CPU

Ceph's official recommendations are for 1 GHz of CPU power per OSD. Unfortunately, in real life, it's not quite as simple as this. What the official recommendations don't point out is that a certain amount of CPU power is required per I/O, and it's not just a static figure. Thinking about it, this makes sense; the CPU is only used when there is something to be done. No I/O, no CPU is required. This, however, scales the other way, more I/O, more CPUs are required. The official recommendation is a good safe bet for spinning disk-based OSDs. An OSD node equipped with fast SSDs can often find itself consuming several times this recommendation. To complicate things further, the CPU requirements vary depending on I/O size as well with larger I/Os requiring more CPU.

If the OSD node starts to struggle for CPU resource, it can lead to OSDs to start timing out and get marked out from the cluster, often to rejoin several seconds later. This continual loss and recovery tends to place more strain on the already limited CPU resource causing cascading failures.

A good figure to aim for would be around 1-10 MHz per I/O, corresponding to 4 KB-4 MB I/Os, respectively. As always, testing should be carried out before going live to confirm that CPU requirements are met both in normal and stressed I/O loads.

Another aspect of CPU selection, which is key to determine performance in Ceph, is the clock speed of the cores. A large proportion of the I/O path in Ceph is single threaded and so a faster clocked core will run through this code path faster leading to lower latency. Due to the limited thermal design of most CPUs, there is often a trade-off of clock speed as the number of cores increases. High core count CPUs with high clock speeds also tend to be placed at the top of the pricing structure. Therefore, it is beneficial to understand your I/O and latency requirements to choose the best CPU.

A small experiment was done to find the effect of CPU clock speed against write latency. A Linux workstation running Ceph had its CPU clock manually adjusted using the userspace governor. The following results clearly show the benefit of high-clocked CPUs:

If low latency and especially low write latency is important, then go for the highest clocked CPUs you can get, ideally at least higher than 3 GHz. This may require a compromise in SSD only nodes on how many cores are available and thus how many SSDs each node can support. For nodes with 12 spinning disks and SSD journals, single socket quad core processors make an excellent choice as they are often available with very high clock speeds and are very aggressively priced.

Where latency is not as important, for example, object workloads, look at entry-level processors with well-balanced core counts and clock speeds.

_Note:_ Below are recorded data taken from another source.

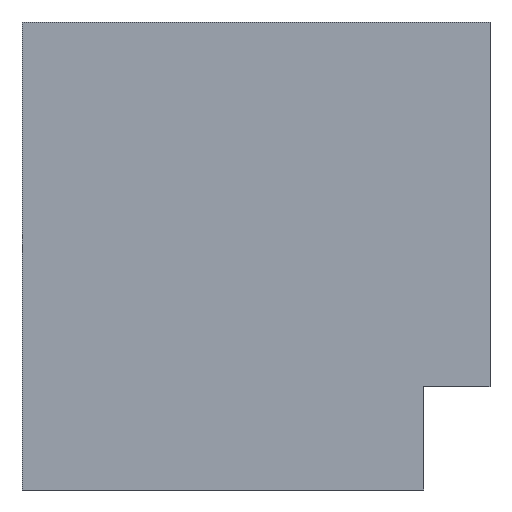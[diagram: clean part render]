
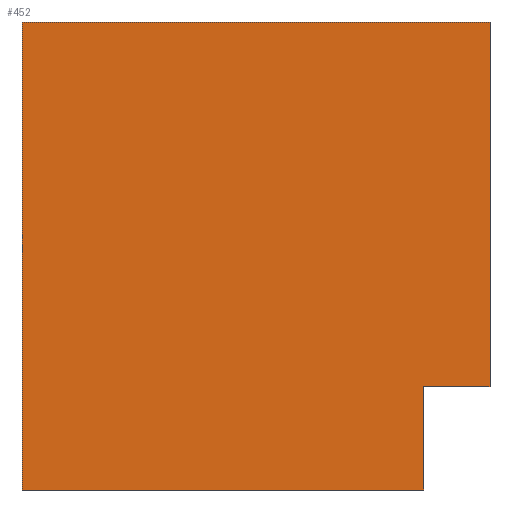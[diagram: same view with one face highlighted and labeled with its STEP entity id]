
A CAD part, left-side view. The second image highlights one B-rep face of the part: STEP entity #452.
In plain terms, the highlighted planar face has unit normal (-1, 0, 0).
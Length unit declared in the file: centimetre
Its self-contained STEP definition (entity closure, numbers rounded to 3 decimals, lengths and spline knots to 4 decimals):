
#3 = LINE ( 'NONE', #670, #224 ) ;
#14 = VECTOR ( 'NONE', #254, 100. ) ;
#59 = ORIENTED_EDGE ( 'NONE', *, *, #551, .F. ) ;
#75 = AXIS2_PLACEMENT_3D ( 'NONE', #459, #379, #582 ) ;
#86 = CARTESIAN_POINT ( 'NONE',  ( 0., 142.0485, 0. ) ) ;
#87 = ORIENTED_EDGE ( 'NONE', *, *, #387, .F. ) ;
#88 = LINE ( 'NONE', #218, #579 ) ;
#97 = ORIENTED_EDGE ( 'NONE', *, *, #514, .T. ) ;
#142 = EDGE_CURVE ( 'NONE', #212, #681, #448, .T. ) ;
#143 = CARTESIAN_POINT ( 'NONE',  ( 0., 142.0485, 220.6136 ) ) ;
#150 = CARTESIAN_POINT ( 'NONE',  ( 0., 0., 1000. ) ) ;
#164 = VECTOR ( 'NONE', #194, 100. ) ;
#186 = VECTOR ( 'NONE', #225, 100. ) ;
#194 = DIRECTION ( 'NONE',  ( 0., 0., -1. ) ) ;
#212 = VERTEX_POINT ( 'NONE', #564 ) ;
#218 = CARTESIAN_POINT ( 'NONE',  ( 0., 0., 1000. ) ) ;
#221 = LINE ( 'NONE', #756, #186 ) ;
#224 = VECTOR ( 'NONE', #274, 100. ) ;
#225 = DIRECTION ( 'NONE',  ( 0., -1., 0. ) ) ;
#229 = LINE ( 'NONE', #695, #320 ) ;
#253 = VERTEX_POINT ( 'NONE', #835 ) ;
#254 = DIRECTION ( 'NONE',  ( 0., 0., 1. ) ) ;
#274 = DIRECTION ( 'NONE',  ( 0., -1., 0. ) ) ;
#306 = EDGE_LOOP ( 'NONE', ( #97, #388, #87, #59, #704, #587 ) ) ;
#320 = VECTOR ( 'NONE', #553, 100. ) ;
#379 = DIRECTION ( 'NONE',  ( 1., 0., 0. ) ) ;
#387 = EDGE_CURVE ( 'NONE', #619, #253, #88, .T. ) ;
#388 = ORIENTED_EDGE ( 'NONE', *, *, #767, .T. ) ;
#392 = PLANE ( 'NONE',  #75 ) ;
#448 = LINE ( 'NONE', #718, #164 ) ;
#452 = ADVANCED_FACE ( 'NONE', ( #592 ), #392, .F. ) ;
#459 = CARTESIAN_POINT ( 'NONE',  ( 0., 1000., 1000. ) ) ;
#474 = CARTESIAN_POINT ( 'NONE',  ( 0., 1000., 0. ) ) ;
#514 = EDGE_CURVE ( 'NONE', #581, #625, #588, .T. ) ;
#551 = EDGE_CURVE ( 'NONE', #212, #619, #3, .T. ) ;
#553 = DIRECTION ( 'NONE',  ( 0., -1., 0. ) ) ;
#564 = CARTESIAN_POINT ( 'NONE',  ( 0., 1000., 1000. ) ) ;
#579 = VECTOR ( 'NONE', #672, 100. ) ;
#581 = VERTEX_POINT ( 'NONE', #86 ) ;
#582 = DIRECTION ( 'NONE',  ( 0., 0., -1. ) ) ;
#587 = ORIENTED_EDGE ( 'NONE', *, *, #745, .T. ) ;
#588 = LINE ( 'NONE', #853, #14 ) ;
#592 = FACE_OUTER_BOUND ( 'NONE', #306, .T. ) ;
#619 = VERTEX_POINT ( 'NONE', #150 ) ;
#625 = VERTEX_POINT ( 'NONE', #143 ) ;
#670 = CARTESIAN_POINT ( 'NONE',  ( 0., 1000., 1000. ) ) ;
#672 = DIRECTION ( 'NONE',  ( 0., 0., -1. ) ) ;
#681 = VERTEX_POINT ( 'NONE', #474 ) ;
#695 = CARTESIAN_POINT ( 'NONE',  ( 0., 1000., 0. ) ) ;
#704 = ORIENTED_EDGE ( 'NONE', *, *, #142, .T. ) ;
#718 = CARTESIAN_POINT ( 'NONE',  ( 0., 1000., 1000. ) ) ;
#745 = EDGE_CURVE ( 'NONE', #681, #581, #229, .T. ) ;
#756 = CARTESIAN_POINT ( 'NONE',  ( 0., 0., 220.6136 ) ) ;
#767 = EDGE_CURVE ( 'NONE', #625, #253, #221, .T. ) ;
#835 = CARTESIAN_POINT ( 'NONE',  ( 0., 0., 220.6136 ) ) ;
#853 = CARTESIAN_POINT ( 'NONE',  ( 0., 142.0485, 0. ) ) ;

Another consideration around CPU and motherboard choice should be around the number of sockets. In Dual socket designs, the memory, disk controllers, and network interface controllers (NICs) are shared between the sockets. When data required by one CPU is required from a resource located on another CPU's socket, it must cross the interlink bus between the two CPUs. Modern CPUs have high-speed interconnects, but they do introduce some performance penalty and thought should be given to whether a single socket design is achievable. There are some options given in the tuning section on how to work around some of these possible performance penalties.